The other check is supposed to be diminishing returns. The more money you have, the harder it is to find something to invest in: you run out of mortgages, or you run out of businesses to invest in which can make those returns. This does work, somewhat. It is at the heart of why the financial collapse happened: there weren’t enough assets for all the money chasing them, so widespread fraud occurred (liars loans, for example) and many people were given loans who couldn’t pay them back, while artificial assets were created which were not worth what they were sold for. Eventually this collapsed, but because the financial industry had already bought the political world, they were bailed out at a cost of trillions.

Behaviour you reward, is repeated. Bankers made millions of dollars, personally, in bonuses. This told them that what they did was valued, and they should do more of it. They did.

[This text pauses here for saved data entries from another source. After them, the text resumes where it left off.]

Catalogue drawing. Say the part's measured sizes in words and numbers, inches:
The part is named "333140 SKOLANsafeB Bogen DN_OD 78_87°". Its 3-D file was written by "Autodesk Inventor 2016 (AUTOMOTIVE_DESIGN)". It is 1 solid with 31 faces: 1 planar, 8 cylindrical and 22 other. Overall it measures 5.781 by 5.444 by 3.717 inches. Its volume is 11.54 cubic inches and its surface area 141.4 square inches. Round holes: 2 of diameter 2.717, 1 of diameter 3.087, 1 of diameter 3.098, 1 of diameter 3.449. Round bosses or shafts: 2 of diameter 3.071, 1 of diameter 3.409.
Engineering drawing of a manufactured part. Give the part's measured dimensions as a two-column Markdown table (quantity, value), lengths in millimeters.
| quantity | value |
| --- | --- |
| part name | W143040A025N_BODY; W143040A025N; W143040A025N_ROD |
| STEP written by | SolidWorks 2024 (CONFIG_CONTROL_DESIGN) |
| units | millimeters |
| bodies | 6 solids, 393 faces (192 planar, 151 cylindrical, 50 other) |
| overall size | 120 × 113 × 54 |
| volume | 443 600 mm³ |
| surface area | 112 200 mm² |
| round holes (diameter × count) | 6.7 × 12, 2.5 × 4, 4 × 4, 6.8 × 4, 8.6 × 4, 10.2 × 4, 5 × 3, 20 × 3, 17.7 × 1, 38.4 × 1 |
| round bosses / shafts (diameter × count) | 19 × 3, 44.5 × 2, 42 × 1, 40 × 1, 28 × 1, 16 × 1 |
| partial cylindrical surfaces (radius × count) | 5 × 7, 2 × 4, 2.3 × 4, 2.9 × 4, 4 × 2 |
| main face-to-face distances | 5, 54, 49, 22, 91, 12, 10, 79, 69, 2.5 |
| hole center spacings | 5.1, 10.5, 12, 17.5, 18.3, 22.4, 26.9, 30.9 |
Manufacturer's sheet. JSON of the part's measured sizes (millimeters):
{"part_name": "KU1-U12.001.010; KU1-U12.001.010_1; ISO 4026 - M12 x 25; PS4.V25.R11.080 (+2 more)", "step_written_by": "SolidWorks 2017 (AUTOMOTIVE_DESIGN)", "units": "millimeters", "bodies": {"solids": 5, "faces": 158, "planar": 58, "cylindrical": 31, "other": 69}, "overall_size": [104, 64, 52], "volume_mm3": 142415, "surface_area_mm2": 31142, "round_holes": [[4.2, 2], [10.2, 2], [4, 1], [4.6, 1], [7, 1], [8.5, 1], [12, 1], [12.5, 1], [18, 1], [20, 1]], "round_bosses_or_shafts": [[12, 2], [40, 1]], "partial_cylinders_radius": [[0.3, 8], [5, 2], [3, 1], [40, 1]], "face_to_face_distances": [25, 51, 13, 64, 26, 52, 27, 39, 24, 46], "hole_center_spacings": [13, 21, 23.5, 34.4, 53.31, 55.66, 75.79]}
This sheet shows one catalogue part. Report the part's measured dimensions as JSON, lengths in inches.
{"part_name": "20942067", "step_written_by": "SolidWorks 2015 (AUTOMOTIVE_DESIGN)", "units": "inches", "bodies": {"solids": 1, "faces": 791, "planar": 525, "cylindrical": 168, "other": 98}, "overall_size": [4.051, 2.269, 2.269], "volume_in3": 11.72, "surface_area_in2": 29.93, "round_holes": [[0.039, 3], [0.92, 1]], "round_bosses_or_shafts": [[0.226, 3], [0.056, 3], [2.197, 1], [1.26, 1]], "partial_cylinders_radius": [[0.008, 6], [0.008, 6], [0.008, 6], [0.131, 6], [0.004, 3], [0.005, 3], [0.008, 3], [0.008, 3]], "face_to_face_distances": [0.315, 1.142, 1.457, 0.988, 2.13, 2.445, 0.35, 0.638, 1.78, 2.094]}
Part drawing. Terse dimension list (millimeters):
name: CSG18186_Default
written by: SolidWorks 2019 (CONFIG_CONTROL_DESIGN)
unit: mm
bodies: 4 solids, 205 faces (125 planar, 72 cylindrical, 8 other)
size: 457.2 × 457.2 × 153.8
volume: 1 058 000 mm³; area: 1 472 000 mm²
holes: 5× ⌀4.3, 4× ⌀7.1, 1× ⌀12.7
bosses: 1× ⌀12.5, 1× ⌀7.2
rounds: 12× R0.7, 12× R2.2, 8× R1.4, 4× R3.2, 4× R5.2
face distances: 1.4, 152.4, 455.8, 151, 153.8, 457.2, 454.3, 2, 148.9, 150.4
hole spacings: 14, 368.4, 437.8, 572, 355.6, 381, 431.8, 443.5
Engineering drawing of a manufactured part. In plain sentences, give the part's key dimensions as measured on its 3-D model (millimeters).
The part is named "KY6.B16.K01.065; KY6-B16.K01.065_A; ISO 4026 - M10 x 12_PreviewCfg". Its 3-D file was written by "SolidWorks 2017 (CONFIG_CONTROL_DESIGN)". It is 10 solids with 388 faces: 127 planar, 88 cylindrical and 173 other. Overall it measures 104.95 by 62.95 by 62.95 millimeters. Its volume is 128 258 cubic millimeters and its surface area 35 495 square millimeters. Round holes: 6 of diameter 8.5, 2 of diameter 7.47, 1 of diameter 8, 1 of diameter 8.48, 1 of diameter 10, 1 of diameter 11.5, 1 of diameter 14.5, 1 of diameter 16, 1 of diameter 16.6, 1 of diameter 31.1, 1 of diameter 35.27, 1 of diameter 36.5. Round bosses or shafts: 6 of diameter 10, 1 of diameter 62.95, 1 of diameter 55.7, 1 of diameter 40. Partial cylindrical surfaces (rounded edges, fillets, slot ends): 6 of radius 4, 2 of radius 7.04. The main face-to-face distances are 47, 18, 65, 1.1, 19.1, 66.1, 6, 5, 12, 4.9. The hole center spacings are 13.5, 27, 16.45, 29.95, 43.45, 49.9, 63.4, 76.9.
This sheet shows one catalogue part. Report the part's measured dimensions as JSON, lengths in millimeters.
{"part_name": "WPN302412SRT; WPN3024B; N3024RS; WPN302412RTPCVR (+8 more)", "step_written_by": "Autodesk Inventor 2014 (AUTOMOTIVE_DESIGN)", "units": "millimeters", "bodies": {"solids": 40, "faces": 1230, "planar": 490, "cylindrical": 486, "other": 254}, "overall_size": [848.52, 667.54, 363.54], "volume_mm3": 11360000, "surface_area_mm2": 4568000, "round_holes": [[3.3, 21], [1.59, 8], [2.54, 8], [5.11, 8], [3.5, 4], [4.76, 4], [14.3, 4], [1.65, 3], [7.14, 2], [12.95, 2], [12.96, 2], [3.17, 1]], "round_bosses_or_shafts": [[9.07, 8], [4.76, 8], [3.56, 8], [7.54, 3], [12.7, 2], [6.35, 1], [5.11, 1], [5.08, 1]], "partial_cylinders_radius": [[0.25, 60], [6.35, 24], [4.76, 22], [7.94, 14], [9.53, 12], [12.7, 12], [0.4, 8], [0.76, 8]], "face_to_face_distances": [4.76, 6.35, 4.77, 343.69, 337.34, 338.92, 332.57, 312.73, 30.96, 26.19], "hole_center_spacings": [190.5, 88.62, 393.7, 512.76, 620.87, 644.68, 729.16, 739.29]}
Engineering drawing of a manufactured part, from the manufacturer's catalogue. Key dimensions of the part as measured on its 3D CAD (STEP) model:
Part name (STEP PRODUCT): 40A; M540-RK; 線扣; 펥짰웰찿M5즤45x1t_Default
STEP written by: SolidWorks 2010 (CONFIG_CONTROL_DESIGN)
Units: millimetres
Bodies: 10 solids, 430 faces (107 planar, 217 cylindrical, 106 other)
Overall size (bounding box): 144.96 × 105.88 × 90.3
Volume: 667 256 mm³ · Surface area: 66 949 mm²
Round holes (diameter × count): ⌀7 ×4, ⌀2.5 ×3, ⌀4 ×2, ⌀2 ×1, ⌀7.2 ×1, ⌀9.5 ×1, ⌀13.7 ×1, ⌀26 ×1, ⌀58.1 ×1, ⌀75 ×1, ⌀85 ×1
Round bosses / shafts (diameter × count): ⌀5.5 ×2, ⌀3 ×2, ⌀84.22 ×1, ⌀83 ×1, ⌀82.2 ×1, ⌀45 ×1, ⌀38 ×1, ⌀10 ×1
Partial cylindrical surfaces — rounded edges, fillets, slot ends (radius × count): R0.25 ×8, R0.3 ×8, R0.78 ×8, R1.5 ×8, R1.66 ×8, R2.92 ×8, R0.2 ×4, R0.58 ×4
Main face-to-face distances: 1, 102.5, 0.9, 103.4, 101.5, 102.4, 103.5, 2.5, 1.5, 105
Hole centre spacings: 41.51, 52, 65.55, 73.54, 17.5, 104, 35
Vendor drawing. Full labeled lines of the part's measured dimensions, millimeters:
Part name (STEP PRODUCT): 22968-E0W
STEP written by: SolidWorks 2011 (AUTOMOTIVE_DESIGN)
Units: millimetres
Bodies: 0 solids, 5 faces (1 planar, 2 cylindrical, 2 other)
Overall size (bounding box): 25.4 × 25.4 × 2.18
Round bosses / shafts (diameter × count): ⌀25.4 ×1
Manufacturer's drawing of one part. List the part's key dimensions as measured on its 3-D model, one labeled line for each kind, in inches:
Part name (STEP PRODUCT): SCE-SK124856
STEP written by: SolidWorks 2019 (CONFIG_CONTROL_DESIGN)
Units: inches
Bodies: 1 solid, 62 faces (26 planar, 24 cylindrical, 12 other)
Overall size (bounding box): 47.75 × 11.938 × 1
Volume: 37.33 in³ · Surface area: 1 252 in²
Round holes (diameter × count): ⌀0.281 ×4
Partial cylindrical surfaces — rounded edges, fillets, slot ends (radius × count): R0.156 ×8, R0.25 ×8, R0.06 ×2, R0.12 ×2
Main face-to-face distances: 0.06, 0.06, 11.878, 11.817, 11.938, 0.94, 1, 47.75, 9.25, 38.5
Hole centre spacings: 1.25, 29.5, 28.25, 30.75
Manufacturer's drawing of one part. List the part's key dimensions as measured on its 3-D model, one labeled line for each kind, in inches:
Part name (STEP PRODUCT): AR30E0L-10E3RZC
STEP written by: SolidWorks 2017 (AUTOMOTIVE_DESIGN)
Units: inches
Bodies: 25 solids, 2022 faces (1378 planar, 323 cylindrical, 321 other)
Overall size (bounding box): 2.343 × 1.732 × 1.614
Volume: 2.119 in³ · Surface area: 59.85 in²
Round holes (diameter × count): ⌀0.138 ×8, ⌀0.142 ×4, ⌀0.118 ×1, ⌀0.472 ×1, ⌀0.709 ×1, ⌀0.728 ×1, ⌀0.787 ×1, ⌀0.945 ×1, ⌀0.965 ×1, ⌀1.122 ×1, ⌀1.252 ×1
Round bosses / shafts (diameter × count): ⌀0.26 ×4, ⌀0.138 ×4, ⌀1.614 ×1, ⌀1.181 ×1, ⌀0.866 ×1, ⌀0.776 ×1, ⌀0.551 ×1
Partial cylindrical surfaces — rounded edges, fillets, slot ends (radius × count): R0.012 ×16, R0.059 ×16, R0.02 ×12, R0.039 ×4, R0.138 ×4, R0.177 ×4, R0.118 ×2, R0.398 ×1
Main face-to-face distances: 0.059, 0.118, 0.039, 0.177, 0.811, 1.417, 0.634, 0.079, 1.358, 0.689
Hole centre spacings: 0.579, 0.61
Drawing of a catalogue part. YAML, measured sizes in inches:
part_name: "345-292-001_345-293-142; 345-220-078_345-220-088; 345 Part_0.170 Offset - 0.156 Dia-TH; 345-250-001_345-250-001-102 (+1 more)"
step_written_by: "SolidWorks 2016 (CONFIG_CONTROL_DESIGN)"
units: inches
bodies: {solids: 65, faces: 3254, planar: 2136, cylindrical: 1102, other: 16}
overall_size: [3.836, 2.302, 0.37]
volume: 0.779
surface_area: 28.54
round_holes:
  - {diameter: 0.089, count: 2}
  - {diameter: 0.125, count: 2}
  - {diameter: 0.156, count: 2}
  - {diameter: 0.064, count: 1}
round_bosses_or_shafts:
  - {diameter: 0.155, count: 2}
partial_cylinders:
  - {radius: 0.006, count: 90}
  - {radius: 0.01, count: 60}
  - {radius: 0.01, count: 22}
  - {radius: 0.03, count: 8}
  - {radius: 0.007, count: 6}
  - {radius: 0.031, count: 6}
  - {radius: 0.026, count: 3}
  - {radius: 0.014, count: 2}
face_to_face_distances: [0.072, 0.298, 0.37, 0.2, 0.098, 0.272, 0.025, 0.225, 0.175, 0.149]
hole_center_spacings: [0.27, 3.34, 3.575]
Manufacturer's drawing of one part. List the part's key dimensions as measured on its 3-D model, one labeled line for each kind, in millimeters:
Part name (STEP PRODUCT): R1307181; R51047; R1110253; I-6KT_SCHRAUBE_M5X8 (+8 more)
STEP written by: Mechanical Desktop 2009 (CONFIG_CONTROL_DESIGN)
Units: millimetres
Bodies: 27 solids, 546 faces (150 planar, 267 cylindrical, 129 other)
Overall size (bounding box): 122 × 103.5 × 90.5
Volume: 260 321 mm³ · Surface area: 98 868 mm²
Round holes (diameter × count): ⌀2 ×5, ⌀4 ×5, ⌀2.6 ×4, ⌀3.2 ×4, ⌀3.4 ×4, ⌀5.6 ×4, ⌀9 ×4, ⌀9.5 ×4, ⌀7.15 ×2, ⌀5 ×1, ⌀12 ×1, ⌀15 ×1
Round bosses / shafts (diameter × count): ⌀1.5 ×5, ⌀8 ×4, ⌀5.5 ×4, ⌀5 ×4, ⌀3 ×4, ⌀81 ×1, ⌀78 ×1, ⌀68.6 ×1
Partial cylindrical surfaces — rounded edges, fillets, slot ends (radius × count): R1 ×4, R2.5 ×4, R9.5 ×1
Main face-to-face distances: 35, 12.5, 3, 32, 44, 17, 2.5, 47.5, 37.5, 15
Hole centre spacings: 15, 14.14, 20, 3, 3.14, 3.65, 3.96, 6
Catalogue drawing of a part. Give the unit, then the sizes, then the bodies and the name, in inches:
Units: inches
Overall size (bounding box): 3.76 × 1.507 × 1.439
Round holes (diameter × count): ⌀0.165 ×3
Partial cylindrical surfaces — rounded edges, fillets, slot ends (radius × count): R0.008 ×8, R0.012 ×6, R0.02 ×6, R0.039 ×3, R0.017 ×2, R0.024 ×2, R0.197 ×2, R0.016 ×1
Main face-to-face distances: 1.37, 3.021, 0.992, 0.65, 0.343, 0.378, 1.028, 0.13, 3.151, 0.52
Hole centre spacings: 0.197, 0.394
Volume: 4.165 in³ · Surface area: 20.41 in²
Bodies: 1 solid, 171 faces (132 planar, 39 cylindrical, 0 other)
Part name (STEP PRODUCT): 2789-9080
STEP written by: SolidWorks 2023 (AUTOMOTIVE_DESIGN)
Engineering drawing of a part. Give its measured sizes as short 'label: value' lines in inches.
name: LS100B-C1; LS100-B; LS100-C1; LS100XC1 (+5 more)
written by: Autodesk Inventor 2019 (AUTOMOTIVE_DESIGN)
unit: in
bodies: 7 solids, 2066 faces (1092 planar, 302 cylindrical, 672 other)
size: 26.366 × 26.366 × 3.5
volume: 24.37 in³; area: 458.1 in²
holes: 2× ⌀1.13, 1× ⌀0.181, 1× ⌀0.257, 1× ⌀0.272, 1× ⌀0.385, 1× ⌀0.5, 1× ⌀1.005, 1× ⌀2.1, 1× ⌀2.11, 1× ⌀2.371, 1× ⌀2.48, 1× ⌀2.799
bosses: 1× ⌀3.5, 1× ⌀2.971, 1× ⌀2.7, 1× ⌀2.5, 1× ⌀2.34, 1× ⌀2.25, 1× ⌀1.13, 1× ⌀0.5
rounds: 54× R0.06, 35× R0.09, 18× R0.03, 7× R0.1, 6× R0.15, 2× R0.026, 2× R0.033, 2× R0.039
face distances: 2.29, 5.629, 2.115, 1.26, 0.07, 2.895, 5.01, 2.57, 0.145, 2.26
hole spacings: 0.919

The fact that Wall Street and Fleet Street salaries and bonuses were so large also made financial executives not care about the future. When you make millions in a few years: enough to live on for the rest of your life, in high style, it isn’t important if you’re driving the firm to bankruptcy. You don’t need the bank or the firm to be there, you’ve already made your mint.

Now, as a politician, if you do what the financial industry (or any other wealth industry) wants, they donate to your reelection campaign. They make sure your friends and family have jobs. They invite you to the best parties. And if you’re defeated, and have voted the right way, well, they’ll take care of you afterwards as well, with a cushy job. Bill Clinton, who deregulated Wall Street, is worth 100 million dollars.

Because bankers control a lot of money, they control what other people do.